Cauda equina syndrome (CES) is a neurosurgical emergency which occurs when there is compression of the cauda equina.
Pathophysiology
Occurs due to direct compression of the cauda equina. The spinal cord terminates into a structure called the conus medullaris, usually at the L1/L2 level. Distal to this is the cauda equina (Latin for tail of horse due to its appearance) - a bundle of nerves carrying the nerve roots for L2-S5 and the coccygeal nerve. Its function is critical:
- Motor: Innervation of the pelvic floor muscles, lower limbs and anal sphincter
- Sensory: Sensation around the perineum and lower limbs
- Autonomic: Provides parasympathetic supply to the bladder as well as to the pelvic organs i.e. reproductive organs and digestive organs.
Causes
- Lumbar disc herniation: Particularly at the L4/L5 or L5/S1 level
- Trauma: For example, from a fracture
- Spinal stenosis
- Primary malignancy
- Metastases
- Prostate
- Renal
- Lung
- Breast
- Thyroid
- Discitis
- Iatrogenic: For example, due to haematoma forming after spinal anaesthesia or lumbar puncture
Risk Factors
- History of disc herniation
- Heavy lifting
- Obesity
- Female
Clinical Features
- Lower back pain
- Bilateral sciatica: Can be unilateral or may begin as unilateral and progress to involve both legs.
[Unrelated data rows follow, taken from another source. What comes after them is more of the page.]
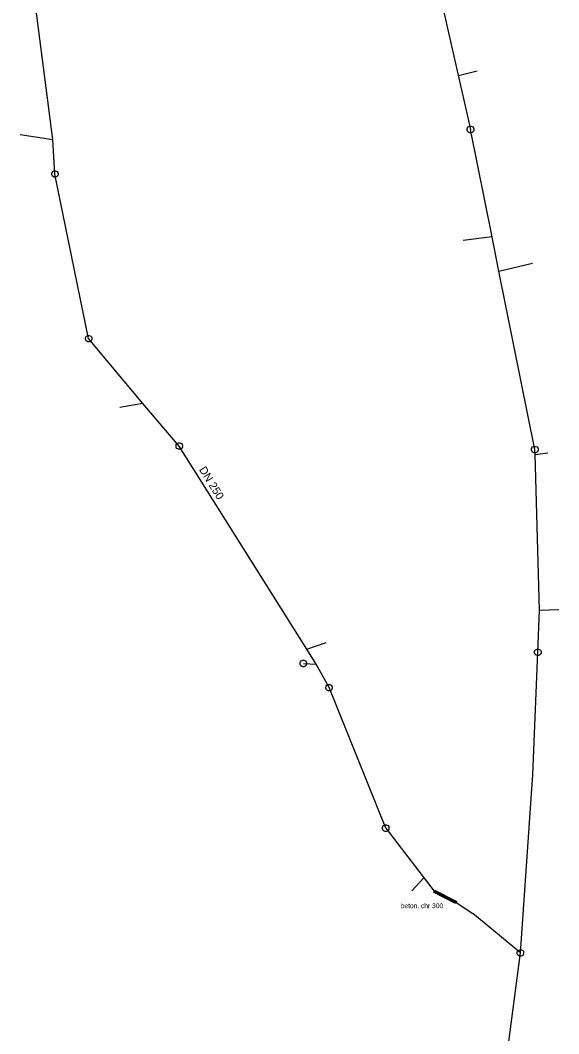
# Model space of a CAD drawing. Extents: x -717256 to -716843, y -1145423 to -1142840.
# Drawn here: x -717074.8 to -716990.8, y -1143505.2 to -1143346.8 of the extents above; entities that cross this region are included whole.
import ezdxf

# ---------------------------------------------------------------- set-up
doc = ezdxf.new("R2010")
doc.units = 0
for name, color, linetype in [('Vrstva 29', 7, 'Continuous'), ('Vrstva 30', 7, 'Continuous'), ('Vrstva 31', 7, 'Continuous')]:
    doc.layers.add(name, color=color, linetype=linetype)

msp = doc.modelspace()

# ---------------------------------------------------------------- linework, layer by layer
at = {"layer": 'Vrstva 29'}
for p, q in [((-717006.857, -1143484.87), (-717010.323, -1143483.098)), ((-717010.14, -1143482.741), (-717006.674, -1143484.513))]:
    msp.add_line(p, q, dxfattribs=at)
at = {"layer": 'Vrstva 30'}
for p, q in [((-717010.994, -1143335.446), (-717004.534, -1143363.907)), ((-717069.755, -1143365.449), (-717073.23, -1143338.352)), ((-717005.034, -1143363.807), (-717004.984, -1143363.657)), ((-717005.034, -1143364.007), (-717005.034, -1143363.807)), ((-717004.934, -1143364.257), (-717005.034, -1143364.007)), ((-717004.984, -1143363.657), (-717004.884, -1143363.507)), ((-717004.784, -1143364.357), (-717004.934, -1143364.257)), ((-717004.884, -1143363.507), (-717004.634, -1143363.407)), ((-717004.634, -1143364.407), (-717004.784, -1143364.357)), ((-717004.634, -1143363.407), (-717004.434, -1143363.407)), ((-717004.434, -1143364.407), (-717004.634, -1143364.407)), ((-717001.163, -1143380.697), (-717004.534, -1143363.907)), ((-717004.434, -1143363.407), (-717004.184, -1143363.507)), ((-717004.284, -1143364.357), (-717004.434, -1143364.407)), ((-717004.134, -1143364.257), (-717004.284, -1143364.357)), ((-717004.184, -1143363.507), (-717004.084, -1143363.657)), ((-717004.034, -1143364.007), (-717004.134, -1143364.257)), ((-717004.084, -1143363.657), (-717004.034, -1143363.807)), ((-717004.034, -1143363.807), (-717004.034, -1143364.007)), ((-717069.432, -1143370.872), (-717069.755, -1143365.449)), ((-717069.932, -1143370.772), (-717069.882, -1143370.622)), ((-717069.932, -1143370.972), (-717069.932, -1143370.772)), ((-717069.832, -1143371.222), (-717069.932, -1143370.972)), ((-717069.882, -1143370.622), (-717069.782, -1143370.472)), ((-717069.782, -1143370.472), (-717069.532, -1143370.372)), ((-717069.532, -1143370.372), (-717069.332, -1143370.372)), ((-717064.173, -1143396.576), (-717069.432, -1143370.872)), ((-717069.332, -1143370.372), (-717069.082, -1143370.472)), ((-717069.082, -1143370.472), (-717068.982, -1143370.622)), ((-717068.932, -1143370.972), (-717069.032, -1143371.222)), ((-717068.982, -1143370.622), (-717068.932, -1143370.772)), ((-717068.932, -1143370.772), (-717068.932, -1143370.972)), ((-717069.682, -1143371.322), (-717069.832, -1143371.222)), ((-717069.532, -1143371.372), (-717069.682, -1143371.322)), ((-717069.332, -1143371.372), (-717069.532, -1143371.372)), ((-717069.182, -1143371.322), (-717069.332, -1143371.372)), ((-717069.032, -1143371.222), (-717069.182, -1143371.322)), ((-717000.094, -1143386.019), (-717001.163, -1143380.697)), ((-716994.495, -1143413.916), (-717000.094, -1143386.019)), ((-717064.673, -1143396.476), (-717064.623, -1143396.326)), ((-717064.623, -1143396.326), (-717064.523, -1143396.176)), ((-717064.523, -1143396.176), (-717064.273, -1143396.076)), ((-717064.273, -1143396.076), (-717064.073, -1143396.076)), ((-717064.073, -1143396.076), (-717063.823, -1143396.176)), ((-717063.823, -1143396.176), (-717063.723, -1143396.326)), ((-717063.723, -1143396.326), (-717063.673, -1143396.476)), ((-717064.673, -1143396.676), (-717064.673, -1143396.476)), ((-717064.573, -1143396.926), (-717064.673, -1143396.676)), ((-717064.423, -1143397.026), (-717064.573, -1143396.926)), ((-717064.273, -1143397.076), (-717064.423, -1143397.026)), ((-717064.073, -1143397.076), (-717064.273, -1143397.076)), ((-717055.701, -1143406.717), (-717064.173, -1143396.576)), ((-717063.923, -1143397.026), (-717064.073, -1143397.076)), ((-717063.773, -1143396.926), (-717063.923, -1143397.026)), ((-717063.673, -1143396.676), (-717063.773, -1143396.926)), ((-717063.673, -1143396.476), (-717063.673, -1143396.676)), ((-717050.027, -1143413.377), (-717055.701, -1143406.717)), ((-717050.527, -1143413.277), (-717050.477, -1143413.127)), ((-717050.527, -1143413.477), (-717050.527, -1143413.277)), ((-717050.427, -1143413.727), (-717050.527, -1143413.477)), ((-717050.477, -1143413.127), (-717050.377, -1143412.977)), ((-717050.277, -1143413.827), (-717050.427, -1143413.727)), ((-717050.377, -1143412.977), (-717050.127, -1143412.877)), ((-717050.127, -1143413.877), (-717050.277, -1143413.827)), ((-717050.127, -1143412.877), (-717049.927, -1143412.877)), ((-717030.074, -1143445.109), (-717050.027, -1143413.377)), ((-717049.927, -1143412.877), (-717049.677, -1143412.977)), ((-717049.777, -1143413.827), (-717049.927, -1143413.877)), ((-717049.627, -1143413.727), (-717049.777, -1143413.827)), ((-717049.677, -1143412.977), (-717049.577, -1143413.127)), ((-717049.527, -1143413.477), (-717049.627, -1143413.727)), ((-717049.577, -1143413.127), (-717049.527, -1143413.277)), ((-717049.527, -1143413.277), (-717049.527, -1143413.477)), ((-716994.995, -1143413.816), (-716994.945, -1143413.666)), ((-716994.995, -1143414.016), (-716994.995, -1143413.816)), ((-716994.945, -1143413.666), (-716994.845, -1143413.516)), ((-716994.845, -1143413.516), (-716994.595, -1143413.416)), ((-716994.595, -1143413.416), (-716994.395, -1143413.416)), ((-716994.395, -1143413.416), (-716994.145, -1143413.516)), ((-716994.145, -1143413.516), (-716994.045, -1143413.666)), ((-716994.045, -1143413.666), (-716993.995, -1143413.816)), ((-716993.995, -1143413.816), (-716993.995, -1143414.016)), ((-717049.927, -1143413.877), (-717050.127, -1143413.877)), ((-716994.895, -1143414.266), (-716994.995, -1143414.016)), ((-716994.745, -1143414.366), (-716994.895, -1143414.266)), ((-716994.595, -1143414.416), (-716994.745, -1143414.366)), ((-716994.395, -1143414.416), (-716994.595, -1143414.416)), ((-716994.445, -1143414.701), (-716994.495, -1143413.916)), ((-716993.761, -1143438.992), (-716994.445, -1143414.701)), ((-716994.245, -1143414.366), (-716994.395, -1143414.416)), ((-716994.095, -1143414.266), (-716994.245, -1143414.366)), ((-716993.995, -1143414.016), (-716994.095, -1143414.266)), ((-716994.028, -1143445.588), (-716993.761, -1143438.992)), ((-717028.617, -1143447.427), (-717030.074, -1143445.109)), ((-716994.528, -1143445.488), (-716994.478, -1143445.338)), ((-716994.528, -1143445.688), (-716994.528, -1143445.488)), ((-716994.478, -1143445.338), (-716994.378, -1143445.188)), ((-716994.378, -1143445.188), (-716994.128, -1143445.088)), ((-716994.128, -1143445.088), (-716993.928, -1143445.088)), ((-716993.928, -1143445.088), (-716993.678, -1143445.188)), ((-716993.678, -1143445.188), (-716993.578, -1143445.338)), ((-716993.578, -1143445.338), (-716993.528, -1143445.488)), ((-716993.528, -1143445.488), (-716993.528, -1143445.688)), ((-716994.806, -1143464.667), (-716994.028, -1143445.588)), ((-716994.428, -1143445.938), (-716994.528, -1143445.688)), ((-716994.278, -1143446.038), (-716994.428, -1143445.938)), ((-716994.128, -1143446.088), (-716994.278, -1143446.038)), ((-716993.928, -1143446.088), (-716994.128, -1143446.088)), ((-716993.778, -1143446.038), (-716993.928, -1143446.088)), ((-716993.628, -1143445.938), (-716993.778, -1143446.038)), ((-716993.528, -1143445.688), (-716993.628, -1143445.938)), ((-717026.624, -1143451.112), (-717028.617, -1143447.427)), ((-717027.124, -1143451.012), (-717027.074, -1143450.862)), ((-717027.124, -1143451.212), (-717027.124, -1143451.012)), ((-717027.024, -1143451.462), (-717027.124, -1143451.212)), ((-717027.074, -1143450.862), (-717026.974, -1143450.712)), ((-717026.874, -1143451.562), (-717027.024, -1143451.462)), ((-717026.974, -1143450.712), (-717026.724, -1143450.612)), ((-717026.724, -1143451.612), (-717026.874, -1143451.562)), ((-717026.724, -1143450.612), (-717026.524, -1143450.612)), ((-717026.524, -1143451.612), (-717026.724, -1143451.612)), ((-717017.766, -1143473.08), (-717026.624, -1143451.112)), ((-717026.524, -1143450.612), (-717026.274, -1143450.712)), ((-717026.374, -1143451.562), (-717026.524, -1143451.612)), ((-717026.224, -1143451.462), (-717026.374, -1143451.562)), ((-717026.274, -1143450.712), (-717026.174, -1143450.862)), ((-717026.124, -1143451.212), (-717026.224, -1143451.462)), ((-717026.174, -1143450.862), (-717026.124, -1143451.012)), ((-717026.124, -1143451.012), (-717026.124, -1143451.212)), ((-716996.737, -1143492.566), (-716994.806, -1143464.667)), ((-717018.266, -1143472.98), (-717018.216, -1143472.83)), ((-717018.266, -1143473.18), (-717018.266, -1143472.98)), ((-717018.166, -1143473.43), (-717018.266, -1143473.18)), ((-717018.216, -1143472.83), (-717018.116, -1143472.68)), ((-717018.016, -1143473.53), (-717018.166, -1143473.43)), ((-717018.116, -1143472.68), (-717017.866, -1143472.58)), ((-717017.866, -1143473.58), (-717018.016, -1143473.53)), ((-717017.866, -1143472.58), (-717017.666, -1143472.58)), ((-717017.666, -1143473.58), (-717017.866, -1143473.58)), ((-717017.766, -1143473.08), (-717010.232, -1143482.92)), ((-717017.666, -1143472.58), (-717017.416, -1143472.68)), ((-717017.516, -1143473.53), (-717017.666, -1143473.58)), ((-717017.366, -1143473.43), (-717017.516, -1143473.53)), ((-717017.416, -1143472.68), (-717017.316, -1143472.83)), ((-717017.266, -1143473.18), (-717017.366, -1143473.43)), ((-717017.316, -1143472.83), (-717017.266, -1143472.98)), ((-717017.266, -1143472.98), (-717017.266, -1143473.18)), ((-717010.232, -1143482.92), (-717006.766, -1143484.692)), ((-717006.766, -1143484.692), (-717004.196, -1143486.392)), ((-716996.737, -1143492.566), (-717004.196, -1143486.392)), ((-717000.334, -1143519.778), (-716996.737, -1143492.566)), ((-716997.237, -1143492.466), (-716997.187, -1143492.316)), ((-716997.237, -1143492.666), (-716997.237, -1143492.466)), ((-716997.137, -1143492.916), (-716997.237, -1143492.666)), ((-716997.187, -1143492.316), (-716997.087, -1143492.166)), ((-716996.987, -1143493.016), (-716997.137, -1143492.916)), ((-716997.087, -1143492.166), (-716996.837, -1143492.066)), ((-716996.837, -1143493.066), (-716996.987, -1143493.016)), ((-716996.837, -1143492.066), (-716996.637, -1143492.066)), ((-716996.637, -1143492.066), (-716996.387, -1143492.166)), ((-716996.487, -1143493.016), (-716996.637, -1143493.066)), ((-716996.337, -1143492.916), (-716996.487, -1143493.016)), ((-716996.387, -1143492.166), (-716996.287, -1143492.316)), ((-716996.237, -1143492.666), (-716996.337, -1143492.916)), ((-716996.287, -1143492.316), (-716996.237, -1143492.466)), ((-716996.237, -1143492.466), (-716996.237, -1143492.666)), ((-716996.637, -1143493.066), (-716996.837, -1143493.066))]:
    msp.add_line(p, q, dxfattribs=at)
at = {"layer": 'Vrstva 31'}
for p, q in [((-717006.419, -1143355.46), (-717003.489, -1143354.74)), ((-717074.847, -1143364.697), (-717069.755, -1143365.449)), ((-717001.163, -1143380.697), (-717005.659, -1143381.249)), ((-717000.094, -1143386.019), (-716994.866, -1143384.794)), ((-717055.701, -1143406.717), (-717059.29, -1143407.323)), ((-716994.445, -1143414.701), (-716992.436, -1143414.452)), ((-716993.761, -1143438.992), (-716990.761, -1143438.912)), ((-717030.074, -1143445.109), (-717027.092, -1143444.073)), ((-717031.14, -1143447.245), (-717031.09, -1143447.095)), ((-717031.09, -1143447.095), (-717030.99, -1143446.945)), ((-717030.99, -1143446.945), (-717030.74, -1143446.845)), ((-717030.74, -1143446.845), (-717030.54, -1143446.845)), ((-717030.54, -1143446.845), (-717030.29, -1143446.945)), ((-717030.29, -1143446.945), (-717030.19, -1143447.095)), ((-717030.19, -1143447.095), (-717030.14, -1143447.245)), ((-717031.14, -1143447.445), (-717031.14, -1143447.245)), ((-717031.04, -1143447.695), (-717031.14, -1143447.445)), ((-717030.89, -1143447.795), (-717031.04, -1143447.695)), ((-717030.74, -1143447.845), (-717030.89, -1143447.795)), ((-717030.54, -1143447.845), (-717030.74, -1143447.845)), ((-717030.64, -1143447.345), (-717028.617, -1143447.427)), ((-717030.39, -1143447.795), (-717030.54, -1143447.845)), ((-717030.24, -1143447.695), (-717030.39, -1143447.795)), ((-717030.14, -1143447.445), (-717030.24, -1143447.695)), ((-717030.14, -1143447.245), (-717030.14, -1143447.445)), ((-717011.824, -1143480.839), (-717013.713, -1143482.861))]:
    msp.add_line(p, q, dxfattribs=at)

# ---------------------------------------------------------------- texts
at = {"layer": 'Vrstva 30'}
msp.add_text('DN 250', height=1.25, rotation=301.5, dxfattribs=at).set_placement((-717046.98, -1143417.041))
msp.add_text('beton. chr 300', height=0.74999, dxfattribs=at).set_placement((-717015.432, -1143485.576))

doc.saveas('drawing.dxf')

Bilateral sciatica is a red flag.
- Urinary retention: Due to disruption of autonomic nerves
- Saddle anaesthesia: Numbness or paraesthesia in the saddle region – asking patients if they can feel the toilet paper when they wipe their bottom is a good way of assessing this.
- Lower limb paraesthesia
- Lower limb weakness: Alongside other features of lower motor neuron disease such as hyporeflexia/areflexia.
- Bladder/bowel dysfunction: This can be in the form of urinary retention/constipation, or urinary/faecal incontinence.
- Reduced/loss of anal tone
- Sexual dysfunction: Erectile dysfunction or loss of vaginal sensation
Investigations
Bedside
- A full neurological exam checking the dermatomes and myotomes of the lower limbs specifically is extremely important with CES. Mostly lower motor neuron signs will be seen i.e., hypotonia/areflexia etc.
- Pre and post-void bladder scan: Important to assess for bladder dysfunction. Urinary retention is a red flag.
- Catheter tug: No sensation when a catheter is being tugged is another red flag.
- PR examination: There is some debate with regards to the value of a PR examination but it is essentially used to assess anal tone by asking the patient to squeeze, as well as perianal sensation.
Bloods
- FBC, U&E, CRP: Baseline
- Clotting screen: Pre-operative
- Group & save: Pre-operative
Imaging
- MRI Whole Spine: This is the mainstay of diagnosis.
- CT Myelogram: Sometimes done as an alternative to patients who are unable to have an MRI due to contraindications.
https://en.wikipedia.org/wiki/Cauda_equina_syndrome#/media/File:MRI_of_the_lumbar_spine_with_abscess_in_the_posterior_epidural_space,_causing_cauda_equina_syndrome.jpg
MRI demonstrating Cauda Equina syndrome
Differential Diagnosis
- Musculoskeletal pain: From strain of paraspinal muscles
- Radiculopathy: Occurs when there is disruption in spinal nerve/nerve root conduction. It results in weakness/paraesthesia/anaesthesia. Radicular pain can occur as a consequence of irritation of the spinal nerve tissue. This most commonly occurs secondary to nerve compression e.g. from a disc prolapse or from degenerative changes in the spine.
- Sciatica: ‘Shooting pain’ from buttock/lower back, down the back of the leg.
- Discitis: Should be suspected in patients with fever and raised inflammatory markers, particularly if there is a history of IVDU or immunosuppression.
Management
The mainstay of treatment is surgical decompression. This is often done via a laminectomy which involves removal of the lamina part of the vertebra, which enables decompression of the spinal cord.